Translated by Michael Glenny with an introduction by Terry Gilliam

When Sergei Maxudov writes a play that—to his great surprise and the ill-disguised envy of the rest of literary Moscow—is chosen to be performed at the legendary Independent Theatre, little does he realize what he’s in for. The world of the theatre is dazzling and intoxicating, but Maxudov soon discovers that it’s also a byzantine maze of long-running feuds and truly monumental egos. Scenery is chewed, fits are thrown, and the show, it seems, just might not go on.

Written at the end of Bulgakov’s life, Black Snow, was based on his own experiences with the Moscow Art Theatre and its famous director, Konstantin Stanislavsky, inventor of Method acting. Newly available in Michael Glenny’c celebrated translation—Glenny was the first English translator of Bulgakov’s work and championed it early one—this is the ultimate backstage novel.

MIKHAIL BULGAKOV (1891-1940) was born in Kiev. Schooled as a doctor, he gave up the practice of medicine in 1920 to devote himself to writing. He went on to write some of the greatest novels in twentieth-century Russian literature, including White Guard and Black Snow.
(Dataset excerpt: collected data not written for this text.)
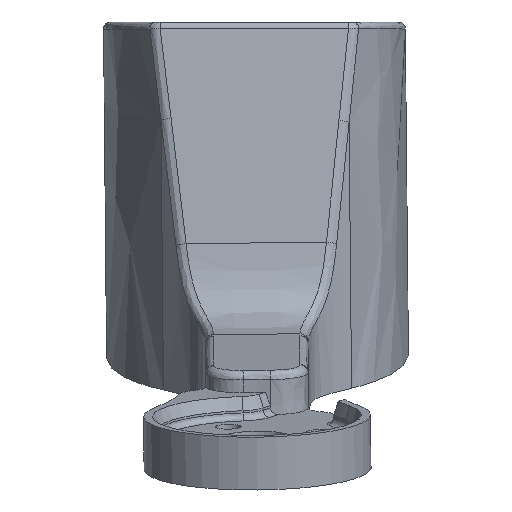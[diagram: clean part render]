
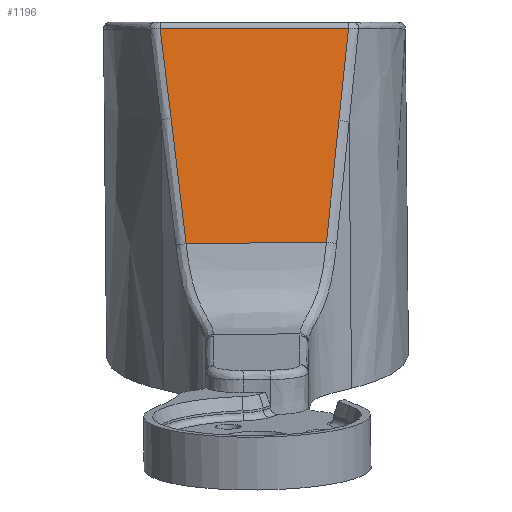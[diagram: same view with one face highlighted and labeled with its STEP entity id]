
A CAD part, top view. The second image highlights one B-rep face of the part: STEP entity #1196.
In plain terms, the highlighted planar face has unit normal (0, 0.087, 0.996) as drawn and (0, -0.087, 0.996) by its records, which use the part's own axes.
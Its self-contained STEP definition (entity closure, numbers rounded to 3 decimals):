
#41=PLANE('',#1272);
#52=LINE('',#1689,#92);
#92=VECTOR('',#1363,10.);
#177=FACE_OUTER_BOUND('',#252,.T.);
#252=EDGE_LOOP('',(#870,#871,#872,#873,#874,#875));
#373=B_SPLINE_CURVE_WITH_KNOTS('',3,(#1876,#1877,#1878,#1879),
 .UNSPECIFIED.,.F.,.F.,(4,4),(0.06,0.881),
 .UNSPECIFIED.);
#378=B_SPLINE_CURVE_WITH_KNOTS('',3,(#1981,#1982,#1983,#1984,#1985,#1986,
#1987,#1988,#1989,#1990,#1991,#1992,#1993,#1994),.UNSPECIFIED.,.F.,.F.,
(4,1,1,1,1,1,1,1,1,1,1,4),(0.881,0.895,1.005,
1.118,1.233,1.35,1.469,1.589,
1.711,1.834,1.957,1.963),
 .UNSPECIFIED.);
#414=B_SPLINE_CURVE_WITH_KNOTS('',3,(#3006,#3007,#3008,#3009,#3010,#3011,
#3012,#3013,#3014,#3015,#3016,#3017,#3018,#3019),.UNSPECIFIED.,.F.,.F.,
(4,1,1,1,1,1,1,1,1,1,1,4),(8.603,8.609,8.717,
8.827,8.938,9.051,9.166,9.282,
9.4,9.52,9.642,9.718),
 .UNSPECIFIED.);
#416=B_SPLINE_CURVE_WITH_KNOTS('',3,(#3044,#3045,#3046,#3047),
 .UNSPECIFIED.,.F.,.F.,(4,4),(9.718,10.522),
 .UNSPECIFIED.);
#418=B_SPLINE_CURVE_WITH_KNOTS('',3,(#3085,#3086,#3087,#3088),
 .UNSPECIFIED.,.F.,.F.,(4,4),(-0.617,0.62),
 .UNSPECIFIED.);
#459=VERTEX_POINT('',#1675);
#461=VERTEX_POINT('',#1687);
#473=VERTEX_POINT('',#1875);
#475=VERTEX_POINT('',#1960);
#497=VERTEX_POINT('',#2867);
#499=VERTEX_POINT('',#2985);
#577=EDGE_CURVE('',#461,#459,#52,.T.);
#595=EDGE_CURVE('',#459,#473,#373,.T.);
#600=EDGE_CURVE('',#473,#475,#378,.T.);
#636=EDGE_CURVE('',#497,#499,#414,.T.);
#638=EDGE_CURVE('',#499,#461,#416,.T.);
#640=EDGE_CURVE('',#475,#497,#418,.T.);
#870=ORIENTED_EDGE('',*,*,#577,.F.);
#871=ORIENTED_EDGE('',*,*,#638,.F.);
#872=ORIENTED_EDGE('',*,*,#636,.F.);
#873=ORIENTED_EDGE('',*,*,#640,.F.);
#874=ORIENTED_EDGE('',*,*,#600,.F.);
#875=ORIENTED_EDGE('',*,*,#595,.F.);
#1196=ADVANCED_FACE('',(#177),#41,.F.);
#1272=AXIS2_PLACEMENT_3D('',#3089,#1382,#1383);
#1363=DIRECTION('',(-1.,0.,0.));
#1382=DIRECTION('center_axis',(0.,0.087,-0.996));
#1383=DIRECTION('ref_axis',(0.,-0.996,-0.087));
#1675=CARTESIAN_POINT('',(-7.986,-34.455,17.021));
#1687=CARTESIAN_POINT('',(8.607,-34.448,17.021));
#1689=CARTESIAN_POINT('',(0.015,-34.451,17.021));
#1875=CARTESIAN_POINT('',(-7.141,-26.322,17.733));
#1876=CARTESIAN_POINT('Ctrl Pts',(-7.986,-34.455,17.021));
#1877=CARTESIAN_POINT('Ctrl Pts',(-7.732,-31.741,17.258));
#1878=CARTESIAN_POINT('Ctrl Pts',(-7.453,-29.03,17.496));
#1879=CARTESIAN_POINT('Ctrl Pts',(-7.141,-26.322,17.733));
#1960=CARTESIAN_POINT('',(-6.056,-15.597,18.671));
#1981=CARTESIAN_POINT('Ctrl Pts',(-7.141,-26.322,17.733));
#1982=CARTESIAN_POINT('Ctrl Pts',(-7.137,-26.278,17.736));
#1983=CARTESIAN_POINT('Ctrl Pts',(-7.093,-25.869,17.772));
#1984=CARTESIAN_POINT('Ctrl Pts',(-7.01,-25.088,17.841));
#1985=CARTESIAN_POINT('Ctrl Pts',(-6.893,-23.971,17.938));
#1986=CARTESIAN_POINT('Ctrl Pts',(-6.774,-22.831,18.038));
#1987=CARTESIAN_POINT('Ctrl Pts',(-6.655,-21.672,18.139));
#1988=CARTESIAN_POINT('Ctrl Pts',(-6.535,-20.494,18.242));
#1989=CARTESIAN_POINT('Ctrl Pts',(-6.416,-19.302,18.347));
#1990=CARTESIAN_POINT('Ctrl Pts',(-6.296,-18.096,18.452));
#1991=CARTESIAN_POINT('Ctrl Pts',(-6.178,-16.879,18.559));
#1992=CARTESIAN_POINT('Ctrl Pts',(-6.098,-16.045,18.632));
#1993=CARTESIAN_POINT('Ctrl Pts',(-6.058,-15.617,18.669));
#1994=CARTESIAN_POINT('Ctrl Pts',(-6.056,-15.597,18.671));
#2867=CARTESIAN_POINT('',(6.311,-15.472,18.681));
#2985=CARTESIAN_POINT('',(7.632,-26.503,17.716));
#3006=CARTESIAN_POINT('Ctrl Pts',(6.311,-15.472,18.681));
#3007=CARTESIAN_POINT('Ctrl Pts',(6.313,-15.491,18.68));
#3008=CARTESIAN_POINT('Ctrl Pts',(6.356,-15.868,18.647));
#3009=CARTESIAN_POINT('Ctrl Pts',(6.44,-16.608,18.582));
#3010=CARTESIAN_POINT('Ctrl Pts',(6.565,-17.695,18.487));
#3011=CARTESIAN_POINT('Ctrl Pts',(6.694,-18.797,18.39));
#3012=CARTESIAN_POINT('Ctrl Pts',(6.826,-19.914,18.293));
#3013=CARTESIAN_POINT('Ctrl Pts',(6.962,-21.048,18.193));
#3014=CARTESIAN_POINT('Ctrl Pts',(7.1,-22.198,18.093));
#3015=CARTESIAN_POINT('Ctrl Pts',(7.243,-23.366,17.991));
#3016=CARTESIAN_POINT('Ctrl Pts',(7.389,-24.553,17.887));
#3017=CARTESIAN_POINT('Ctrl Pts',(7.519,-25.601,17.795));
#3018=CARTESIAN_POINT('Ctrl Pts',(7.6,-26.253,17.738));
#3019=CARTESIAN_POINT('Ctrl Pts',(7.632,-26.503,17.716));
#3044=CARTESIAN_POINT('Ctrl Pts',(7.632,-26.503,17.716));
#3045=CARTESIAN_POINT('Ctrl Pts',(7.985,-29.148,17.485));
#3046=CARTESIAN_POINT('Ctrl Pts',(8.307,-31.796,17.253));
#3047=CARTESIAN_POINT('Ctrl Pts',(8.607,-34.448,17.021));
#3085=CARTESIAN_POINT('Ctrl Pts',(-6.056,-15.597,18.671));
#3086=CARTESIAN_POINT('Ctrl Pts',(-1.933,-15.555,18.674));
#3087=CARTESIAN_POINT('Ctrl Pts',(2.189,-15.514,18.678));
#3088=CARTESIAN_POINT('Ctrl Pts',(6.311,-15.472,18.681));
#3089=CARTESIAN_POINT('Origin',(0.006,-14.36,18.779));

Though Bulgakov’s work was often censored, Stalin showed his personal favor by protecting him from imprisonment and finding a job for him at the Moscow Art Theatre, where the writer would work as a director and playwright for many years. He died at the age of forty-nine from a kidney disorder. His masterpiece, The Master and Margarita, would not be published until twenty-six years after his death.

MICHAEL GLENNY (1927-1990) was at one point a British army officer, an intelligence agent in Wester Berlin, and a traveling salesman for Wedgwood china, which first took him to the Soviet Union. He eventually became most well-known as one of the world’s leading translators of Russian literature, and particularly famous for bringing dissident writers to the fore, including Aleksander Solzhenitsyn and Georgi Vladimov. He was the first to translate Mikhail Bulgakov into English, and his translations remain the definitive editions.

TERRY GILLIAM first gained fame as a member of the Monty Python comedy troupe; he then went on to direct a number of popular films, including Time Bandits, Brazil, and The Adventures of Baron Munchausen. 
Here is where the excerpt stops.